Мы ездили в Пушкинский. Вчера мы хотели еще раз посмотреть на Рубенса и Ван Дейка, но в Пушкинский стояла длинная очередь на выставку Британского дизайна. Мы постояли-постояли, но кофе по близости не продавался, было ветрено и Британский дизайн того не стоил, ну или просто мы решили, что не стоил (остальные же продолжали стоять), а мы пошли смотреть импрессионистов. Кстати и там кафе было закрыто на ремонт, а для осени это большое упущение, потому что всегда хочется спать, даже когда вокруг есть на что посмотреть.
Но и тут нас ждало разочарование. Наш любимый первый этаж был переоборудован под выставку Одри Бердслея. Было досадно, потому что всегда приятно вернуться и увидеть любимые картины, и, честно говоря, устраивать выставки за счет постоянной экспозиции, как это делается в Пушкинском просто ужасно. Мы пошли наверх. Честно говоря, я не очень люблю Гогена и Матисса и думаю, что Щукин зря свел с ума свое семейство, развешивая их творения по стенам своего дома на Знаменке, но Коро был прекрасен и спокоен, Роден чувственен, Моне и Ренуар заставили думать, что я уже во Франции, стало тепло и снова захотелось кофе. С.М.Третьяков, как коллекционер, мне больше по душе. Мы посидели на третьем этаже у мрачных картин зимнего Парижа (надо же как-то привыкать к будущему) и пошли вниз.
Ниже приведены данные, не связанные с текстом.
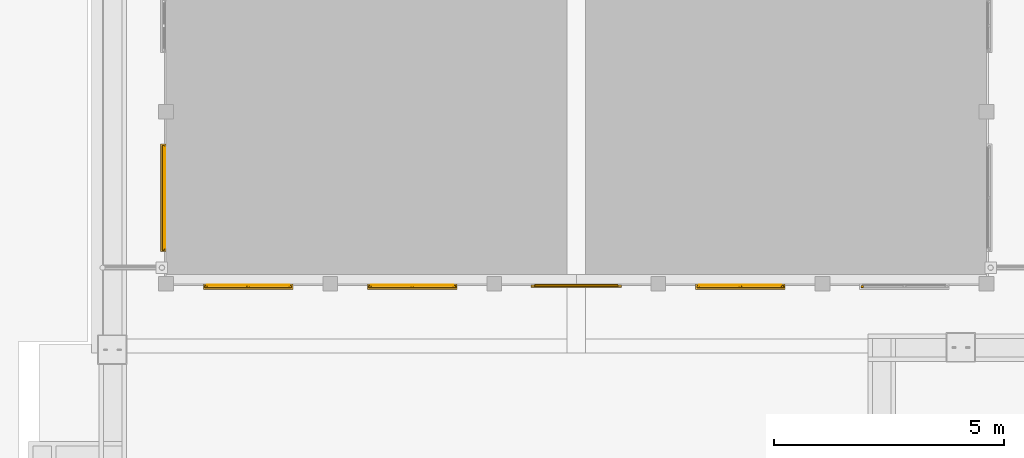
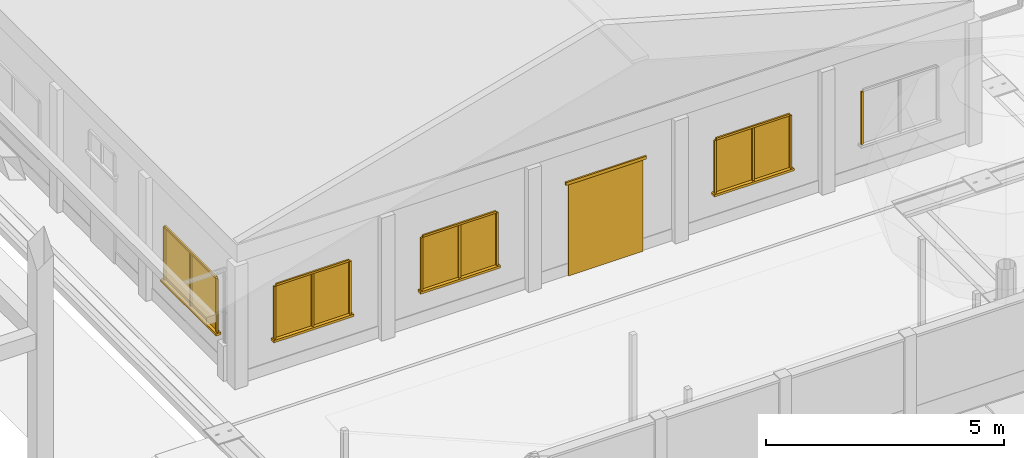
# One storey, part 42 of 177: 25 windows, 2 doors.
"""IFC4 building model written with IfcOpenShell, lengths in metres."""

import ifcopenshell
import ifcopenshell.guid

model = None  # the IFC model being written
_history = None  # IfcOwnerHistory: only IFC2X3 demands one
_inside = {}  # id of a spatial element -> (the spatial element, [elements in it])
_under = {}  # id of a project, library or spatial element -> (it, [spatial elements below it])
_declared = {}  # id of a project -> (the project, [libraries it declares])
_typed = {}  # id of a type object -> (the type object, [elements of that type])
_made_of = {}  # id of a material, layer set ... -> (it, [elements and type objects made of it])


def new_model(schema):
    """Start an empty IFC model of exactly this schema.

    Asked for "IFC4X3", IfcOpenShell would pick the latest addendum, in which some entities
    have other attributes; the version numbers below select the first issue.
    IFC2X3 requires an IfcOwnerHistory on every rooted entity: one is made here for all.
    """
    global model, _history
    if schema == "IFC4X3":
        model = ifcopenshell.file(schema_version=(4, 3, 0, 0))
    else:
        model = ifcopenshell.file(schema=schema)
    _inside.clear()
    _under.clear()
    _declared.clear()
    _typed.clear()
    _made_of.clear()
    _history = None
    if model.schema == "IFC2X3":
        org = make("IfcOrganization", Name="unknown")
        user = make(
            "IfcPersonAndOrganization",
            ThePerson=make("IfcPerson", FamilyName="unknown"),
            TheOrganization=org,
        )
        app = make(
            "IfcApplication",
            ApplicationDeveloper=org,
            Version="unknown",
            ApplicationFullName="unknown",
            ApplicationIdentifier="unknown",
        )
        _history = make(
            "IfcOwnerHistory",
            OwningUser=user,
            OwningApplication=app,
            ChangeAction="ADDED",
            CreationDate=0,
        )
    return model


def make(cls, **values):
    """One entity of the class cls with the attributes given. An attribute that is None is left unset."""
    return model.create_entity(
        cls, **{name: value for name, value in values.items() if value is not None}
    )


def rooted(cls, **values):
    """An entity with a GlobalId (a new one), such as an element, a storey or a relation."""
    return make(cls, GlobalId=ifcopenshell.guid.new(), OwnerHistory=_history, **values)


def si_unit(unit_type, name, prefix=None):
    """IfcSIUnit, for example si_unit("LENGTHUNIT", "METRE", prefix="MILLI")."""
    return make("IfcSIUnit", UnitType=unit_type, Prefix=prefix, Name=name)


def assignment(units):
    """IfcUnitAssignment: the units of a project."""
    return None if units is None else make("IfcUnitAssignment", Units=units)


def point(xyz):
    """IfcCartesianPoint."""
    return None if xyz is None else make("IfcCartesianPoint", Coordinates=xyz)


def direction(xyz):
    """IfcDirection."""
    return None if xyz is None else make("IfcDirection", DirectionRatios=xyz)


def frame(location, z_axis=None, x_axis=None):
    """IfcAxis2Placement3D, a coordinate frame: its origin and axes. An axis left out is left unset."""
    return make(
        "IfcAxis2Placement3D",
        Location=point(location),
        Axis=direction(z_axis),
        RefDirection=direction(x_axis),
    )


def origin():
    """The frame at (0, 0, 0) with its axes left unset."""
    return frame((0.0, 0.0, 0.0))


def origin_with_axes():
    """The frame at (0, 0, 0) with the z axis (0, 0, 1) and the x axis (1, 0, 0) written out."""
    return frame((0.0, 0.0, 0.0), z_axis=(0.0, 0.0, 1.0), x_axis=(1.0, 0.0, 0.0))


def place(relative_to, where):
    """IfcLocalPlacement: puts the frame where relative to a parent placement (None: the world)."""
    return make(
        "IfcLocalPlacement", PlacementRelTo=relative_to, RelativePlacement=where
    )


def context(
    kind, dimensions, precision=None, world=None, true_north=None, identifier=None
):
    """IfcGeometricRepresentationContext, for example the 3D "Model" context."""
    return make(
        "IfcGeometricRepresentationContext",
        ContextIdentifier=identifier,
        ContextType=kind,
        CoordinateSpaceDimension=dimensions,
        Precision=precision,
        WorldCoordinateSystem=world,
        TrueNorth=true_north,
    )


def subcontext(parent, identifier, kind, view, scale=None):
    """IfcGeometricRepresentationSubContext, for example "Body" below "Model"."""
    return make(
        "IfcGeometricRepresentationSubContext",
        ContextIdentifier=identifier,
        ContextType=kind,
        ParentContext=parent,
        TargetScale=scale,
        TargetView=view,
    )


def project(units=None, contexts=None):
    """IfcProject with its units and contexts."""
    return rooted(
        "IfcProject",
        Name="project",
        RepresentationContexts=contexts,
        UnitsInContext=assignment(units),
    )


def spatial(cls, under=None, at=None, **own):
    """A site, building, storey or space (cls), placed at a placement, below another one or the project."""
    s = rooted(cls, ObjectPlacement=at, **own)
    if under is not None:
        _under.setdefault(under.id(), (under, []))[1].append(s)
    return s


def point_list(points):
    """IfcCartesianPointList2D or 3D."""
    cls = (
        "IfcCartesianPointList2D" if len(points[0]) == 2 else "IfcCartesianPointList3D"
    )
    return make(cls, CoordList=points)


def triangles(points, corners, closed=None, point_numbers=None):
    """IfcTriangulatedFaceSet: each triangle names its three corners, points numbered from 1."""
    return make(
        "IfcTriangulatedFaceSet",
        Coordinates=point_list(points),
        Closed=closed,
        CoordIndex=corners,
        PnIndex=point_numbers,
    )


def shape(context_of_items, identifier, shape_type, items):
    """IfcShapeRepresentation: the items that make up one representation, for example the "Body"."""
    return make(
        "IfcShapeRepresentation",
        ContextOfItems=context_of_items,
        RepresentationIdentifier=identifier,
        RepresentationType=shape_type,
        Items=items,
    )


def made_of(thing, what):
    """Note that an element or type object is made of a material, layer set ...; save() writes the relation."""
    if what is not None:
        _made_of.setdefault(what.id(), (what, []))[1].append(thing)
    return thing


def element(
    cls,
    number,
    at=None,
    inside=None,
    cuts=None,
    type_object=None,
    material=None,
    context=None,
    identifier="Body",
    shape_type=None,
    held_by="IfcProductDefinitionShape",
    body=None,
    shapes=None,
    **own,
):
    """One element of the class cls, such as IfcWall. Its Tag is "e" and its number.

    at: its placement. inside: the storey or other place that contains it. cuts: it is an
    opening in that element (IfcRelVoidsElement). A single representation is given by context,
    identifier, shape_type and body (its items); several are given by shapes. held_by: the class
    of the entity that holds the representations. save() writes the other relations.
    """
    e = rooted(cls, Tag="e%d" % number, ObjectPlacement=at, **own)
    if body is not None:
        shapes = [shape(context, identifier, shape_type, body)]
    if shapes is not None:
        e.Representation = make(held_by, Representations=shapes)
    if inside is not None:
        _inside.setdefault(inside.id(), (inside, []))[1].append(e)
    if cuts is not None:
        rooted(
            "IfcRelVoidsElement", RelatingBuildingElement=cuts, RelatedOpeningElement=e
        )
    if type_object is not None:
        _typed.setdefault(type_object.id(), (type_object, []))[1].append(e)
    return made_of(e, material)


def aggregate(whole, parts):
    """IfcRelAggregates: a whole, such as a stair, and the parts it consists of."""
    return rooted("IfcRelAggregates", RelatingObject=whole, RelatedObjects=parts)


def save(model, path):
    """Write the relations noted so far, then the file.

    IfcRelAggregates (storeys below a building ...), IfcRelContainedInSpatialStructure (elements
    in a storey), IfcRelDefinesByType, IfcRelAssociatesMaterial and IfcRelDeclares: one each for
    every whole, place, type object, material and project.
    """
    for whole, parts in _under.values():
        aggregate(whole, parts)
    for where, things in _inside.values():
        rooted(
            "IfcRelContainedInSpatialStructure",
            RelatedElements=things,
            RelatingStructure=where,
        )
    for kind, things in _typed.values():
        rooted("IfcRelDefinesByType", RelatedObjects=things, RelatingType=kind)
    for what, things in _made_of.values():
        rooted("IfcRelAssociatesMaterial", RelatedObjects=things, RelatingMaterial=what)
    for by, libraries in _declared.values():
        rooted("IfcRelDeclares", RelatingContext=by, RelatedDefinitions=libraries)
    model.write(path)


model = new_model("IFC4")

# Units and contexts
model_context = context("Model", 3, precision=1e-05, world=origin_with_axes())
body_context = subcontext(model_context, "Body", "Model", "MODEL_VIEW")
ifc_project = project(units=[si_unit("LENGTHUNIT", "METRE"), si_unit("AREAUNIT", "SQUARE_METRE"), si_unit("VOLUMEUNIT", "CUBIC_METRE"), si_unit("PLANEANGLEUNIT", "RADIAN")], contexts=[model_context])

# Site, building, storey
site_placement = place(None, origin_with_axes())
site = spatial("IfcSite", under=ifc_project, at=site_placement, Name="Predio Los Mangos - Morales, San Martín", CompositionType="ELEMENT")
building_placement = place(site_placement, origin())
building = spatial("IfcBuilding", under=site, at=building_placement, Name="Hogar de Refugio Temporal", CompositionType="ELEMENT")
storey_placement = place(building_placement, origin())
storey = spatial("IfcBuildingStorey", under=building, at=storey_placement, Name="NIVEL 1 (NPT +0.00)", CompositionType="ELEMENT", Elevation=0.0)

# Windows
window_1_placement = place(storey_placement, origin())
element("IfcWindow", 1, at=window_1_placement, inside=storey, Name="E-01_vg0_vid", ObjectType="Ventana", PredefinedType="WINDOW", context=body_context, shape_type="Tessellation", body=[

Да, мы все-таки зашли на Бердслея. Это была выставка, посвященная его иллюстрациям к "Соломее" Оскара Уальда. Теплые залы с картинами 1890-х годов постоянной экспозиции были поделены на черные и белые полотна. Четкие, витиеватые линии, завораживающие, заставляющие поверить в абсолютное зло. Совсем небольшие гравюры - черное и белое в них не допускает никаких оттенков серого. Это десятые годы любого тысячелетия, когда живопись жизни заменяется двумя цветами - за и против, на черной стороне или на белой, граница тонка и непроходима. В бывшем зале романтизма крутили немое кино, Соломея танцевала и требовала голову Иоанна Крестителя, кажется это был переодетый мужчина. История сделала круг, и чей танец мы видим сейчас, и чья голова окажется на серебряном блюде в следующий раз - все это вопрос нескольких лет. Романтика ушла на покой, только черное и белое, только линия, изгибающаяся, чувственная и неумолимая. Без оттенков.
"Дозаигрывались с Дьяволом..." - говорит мне Лешка и мы уходим.